丙,心廣體胖用在他身上絕對錯不了。他胖胖的,臉上永遠掛著微笑。及時行樂是他的座右銘。他一到公司,不管老板有多忙,總會把老板扯出去,穿街過巷、尋奇覓趣。麵對老板的抗議,他理直氣壯的說:“及時行樂,方能享受人生。”及時行樂的結果是:他對這一帶地方的熟悉程度令我在他麵前不敢宣稱自己在這兒土生土長了二十幾年。
那天,公司要送貨到一個新興工業區。當老板問我詳細地址時,我張口結舌半天也說不出一個大概。丙好心的為我解圍,從走那條路經那個店,說得清清楚楚,絲毫不漏。我的臉頓時熱辣辣的紅了起來。因老板和他的幾位朋友盯著我的目光裏明明白白的寫著——還說是地頭蛇呢!自此,隻要丙在場,當涉及那條路,這個店該如何去時。我總是識趣的閉上口,獻醜不如藏拙啊!

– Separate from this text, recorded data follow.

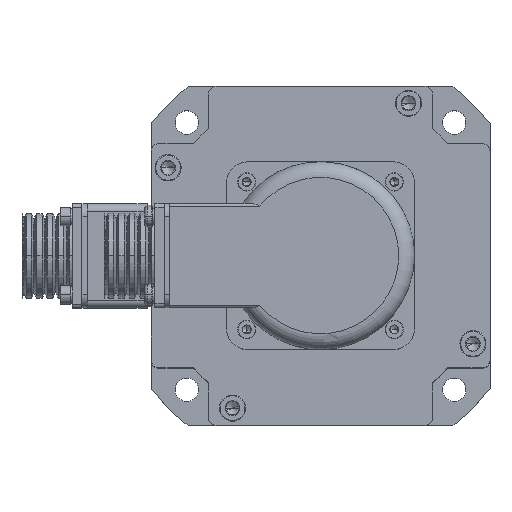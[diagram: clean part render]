
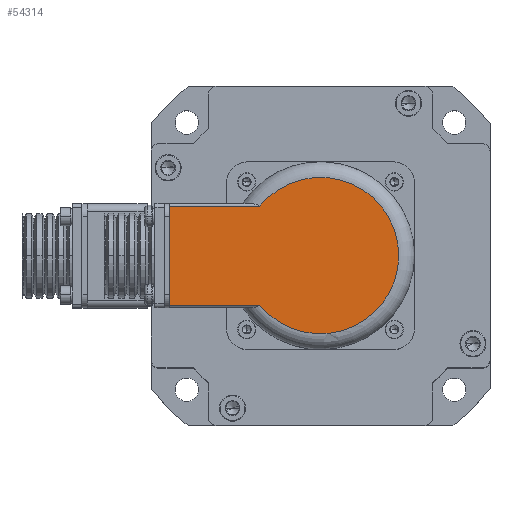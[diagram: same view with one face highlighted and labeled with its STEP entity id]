
A CAD part, top view. The second image highlights one B-rep face of the part: STEP entity #54314.
In plain terms, the highlighted planar face has unit normal (0, 0, 1) as drawn and (1, 0, 0) by its records, which use the part's own axes.
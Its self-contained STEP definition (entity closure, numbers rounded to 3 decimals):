
#52778=DIRECTION('',(0.,1.,0.));
#52779=VECTOR('',#52778,34.784);
#52780=CARTESIAN_POINT('',(43.,23.216,-19.));
#52781=LINE('',#52780,#52779);
#52786=CARTESIAN_POINT('',(43.,0.,0.));
#52787=DIRECTION('',(-1.,0.,0.));
#52788=DIRECTION('',(0.,0.774,-0.633));
#52789=AXIS2_PLACEMENT_3D('',#52786,#52787,#52788);
#52791=CARTESIAN_POINT('',(43.,0.,0.));
#52792=DIRECTION('',(-1.,0.,0.));
#52793=DIRECTION('',(0.,-1.,0.001));
#52794=AXIS2_PLACEMENT_3D('',#52791,#52792,#52793);
#52796=DIRECTION('',(0.,-1.,0.));
#52797=VECTOR('',#52796,34.784);
#52798=CARTESIAN_POINT('',(43.,58.,19.));
#52799=LINE('',#52798,#52797);
#52836=DIRECTION('',(0.,0.,1.));
#52837=VECTOR('',#52836,38.);
#52838=CARTESIAN_POINT('',(43.,58.,-19.));
#52839=LINE('',#52838,#52837);
#53834=CARTESIAN_POINT('',(43.,23.216,-19.));
#53835=CARTESIAN_POINT('',(43.,58.,-19.));
#53836=VERTEX_POINT('',#53834);
#53837=VERTEX_POINT('',#53835);
#53838=CARTESIAN_POINT('',(43.,58.,19.));
#53839=CARTESIAN_POINT('',(43.,23.216,19.));
#53840=VERTEX_POINT('',#53838);
#53841=VERTEX_POINT('',#53839);
#53842=CARTESIAN_POINT('',(43.,-30.,0.033));
#53843=VERTEX_POINT('',#53842);
#54298=CARTESIAN_POINT('',(43.,0.,0.));
#54299=DIRECTION('',(1.,0.,0.));
#54300=DIRECTION('',(0.,-1.,0.));
#54301=AXIS2_PLACEMENT_3D('',#54298,#54299,#54300);
#54302=PLANE('',#54301);
#54304=ORIENTED_EDGE('',*,*,#54303,.F.);
#54306=ORIENTED_EDGE('',*,*,#54305,.F.);
#54307=ORIENTED_EDGE('',*,*,#54281,.F.);
#54309=ORIENTED_EDGE('',*,*,#54308,.T.);
#54311=ORIENTED_EDGE('',*,*,#54310,.T.);
#54312=EDGE_LOOP('',(#54304,#54306,#54307,#54309,#54311));
#54313=FACE_OUTER_BOUND('',#54312,.F.);
#54314=ADVANCED_FACE('',(#54313),#54302,.T.);
#52790=CIRCLE('',#52789,30.);
#52795=CIRCLE('',#52794,30.);
#54281=EDGE_CURVE('',#53836,#53837,#52781,.T.);
#54303=EDGE_CURVE('',#53840,#53841,#52799,.T.);
#54305=EDGE_CURVE('',#53837,#53840,#52839,.T.);
#54308=EDGE_CURVE('',#53836,#53843,#52790,.T.);
#54310=EDGE_CURVE('',#53843,#53841,#52795,.T.);
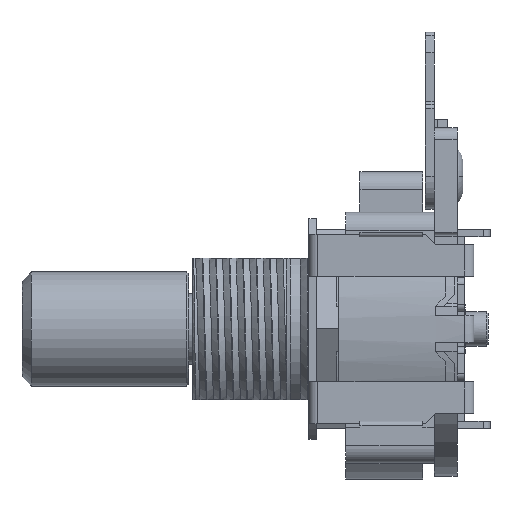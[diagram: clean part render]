
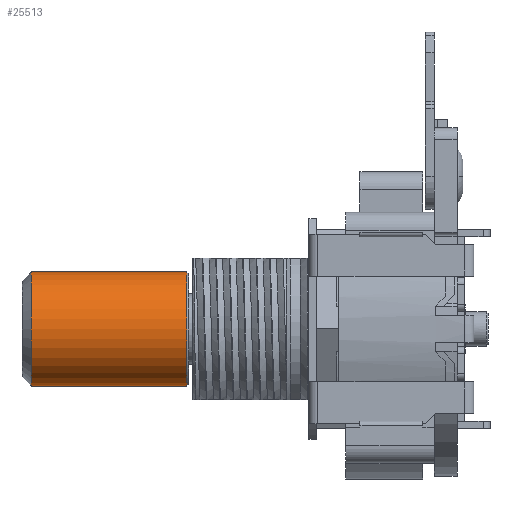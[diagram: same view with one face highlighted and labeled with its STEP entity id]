
A CAD part, left-side view. The second image highlights one B-rep face of the part: STEP entity #25513.
In plain terms, the highlighted cylindrical face has radius 3.175 mm (diameter 6.35 mm), a partial arc.
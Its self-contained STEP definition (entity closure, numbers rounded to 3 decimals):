
#3279 = VERTEX_POINT ( 'NONE', #9648 ) ;
#3458 = DIRECTION ( 'NONE',  ( 0., -1., 0. ) ) ;
#4520 = EDGE_CURVE ( 'NONE', #10643, #3279, #21436, .T. ) ;
#5174 = AXIS2_PLACEMENT_3D ( 'NONE', #11138, #7352, #23298 ) ;
#7132 = VECTOR ( 'NONE', #3458, 1000. ) ;
#7352 = DIRECTION ( 'NONE',  ( 0., -1., 0. ) ) ;
#7379 = LINE ( 'NONE', #16921, #7132 ) ;
#7510 = CARTESIAN_POINT ( 'NONE',  ( 0., 0., 0. ) ) ;
#8185 = CARTESIAN_POINT ( 'NONE',  ( 0., 25.451, -3.175 ) ) ;
#8956 = VECTOR ( 'NONE', #25571, 1000. ) ;
#9647 = AXIS2_PLACEMENT_3D ( 'NONE', #7510, #17446, #21127 ) ;
#9648 = CARTESIAN_POINT ( 'NONE',  ( 0., 16.789, -3.175 ) ) ;
#9728 = AXIS2_PLACEMENT_3D ( 'NONE', #15784, #16044, #23898 ) ;
#10643 = VERTEX_POINT ( 'NONE', #16404 ) ;
#10703 = EDGE_CURVE ( 'NONE', #23712, #3279, #7379, .T. ) ;
#11138 = CARTESIAN_POINT ( 'NONE',  ( 0., 25.451, 0. ) ) ;
#11505 = ORIENTED_EDGE ( 'NONE', *, *, #4520, .F. ) ;
#12222 = EDGE_LOOP ( 'NONE', ( #21205, #17617, #12879, #11505 ) ) ;
#12879 = ORIENTED_EDGE ( 'NONE', *, *, #10703, .T. ) ;
#13450 = VERTEX_POINT ( 'NONE', #22233 ) ;
#13538 = LINE ( 'NONE', #13664, #8956 ) ;
#13664 = CARTESIAN_POINT ( 'NONE',  ( 0., 0., 3.175 ) ) ;
#15784 = CARTESIAN_POINT ( 'NONE',  ( 0., 16.789, 0. ) ) ;
#16044 = DIRECTION ( 'NONE',  ( 0., -1., 0. ) ) ;
#16404 = CARTESIAN_POINT ( 'NONE',  ( 0., 16.789, 3.175 ) ) ;
#16921 = CARTESIAN_POINT ( 'NONE',  ( 0., 0., -3.175 ) ) ;
#17446 = DIRECTION ( 'NONE',  ( 0., -1., 0. ) ) ;
#17617 = ORIENTED_EDGE ( 'NONE', *, *, #18003, .T. ) ;
#18003 = EDGE_CURVE ( 'NONE', #13450, #23712, #24812, .T. ) ;
#18973 = EDGE_CURVE ( 'NONE', #13450, #10643, #13538, .T. ) ;
#20990 = FACE_OUTER_BOUND ( 'NONE', #12222, .T. ) ;
#21127 = DIRECTION ( 'NONE',  ( 0., 0., -1. ) ) ;
#21205 = ORIENTED_EDGE ( 'NONE', *, *, #18973, .F. ) ;
#21436 = CIRCLE ( 'NONE', #9728, 3.175 ) ;
#21516 = CYLINDRICAL_SURFACE ( 'NONE', #9647, 3.175 ) ;
#22233 = CARTESIAN_POINT ( 'NONE',  ( 0., 25.451, 3.175 ) ) ;
#23298 = DIRECTION ( 'NONE',  ( 0., 0., -1. ) ) ;
#23712 = VERTEX_POINT ( 'NONE', #8185 ) ;
#23898 = DIRECTION ( 'NONE',  ( 0., 0., -1. ) ) ;
#24812 = CIRCLE ( 'NONE', #5174, 3.175 ) ;
#25513 = ADVANCED_FACE ( 'NONE', ( #20990 ), #21516, .T. ) ;
#25571 = DIRECTION ( 'NONE',  ( 0., -1., 0. ) ) ;

丁在這兒設有廠房。所以他總會不期而至,然後悠然的把公司陳列架上的每樣貨品都仔細研究一番。有一次,我忍不住好奇的問他:“那有什麽好看呢?這裏有的你工廠裏也有啊!”他嘿嘿的幹笑兩聲,摸摸那略禿的頭頂說:“我在看你老板這兒有什麽適合借給我啊!”的確,翻開以往的記錄,他確是買借各半。
聽我說完他那幾位各富特色的好友,老板忍不住哈哈大笑之餘隻能無奈的搖頭歎息。
感動一生的真情
有一種朋友,即使是久沒聯係,也能在你最需要幫助的時候給你堅強的臂膀帶給你深深的依靠;有一種朋友,無論是何時何地,也都能讓人感受到那份暖融融的情真切切的愛。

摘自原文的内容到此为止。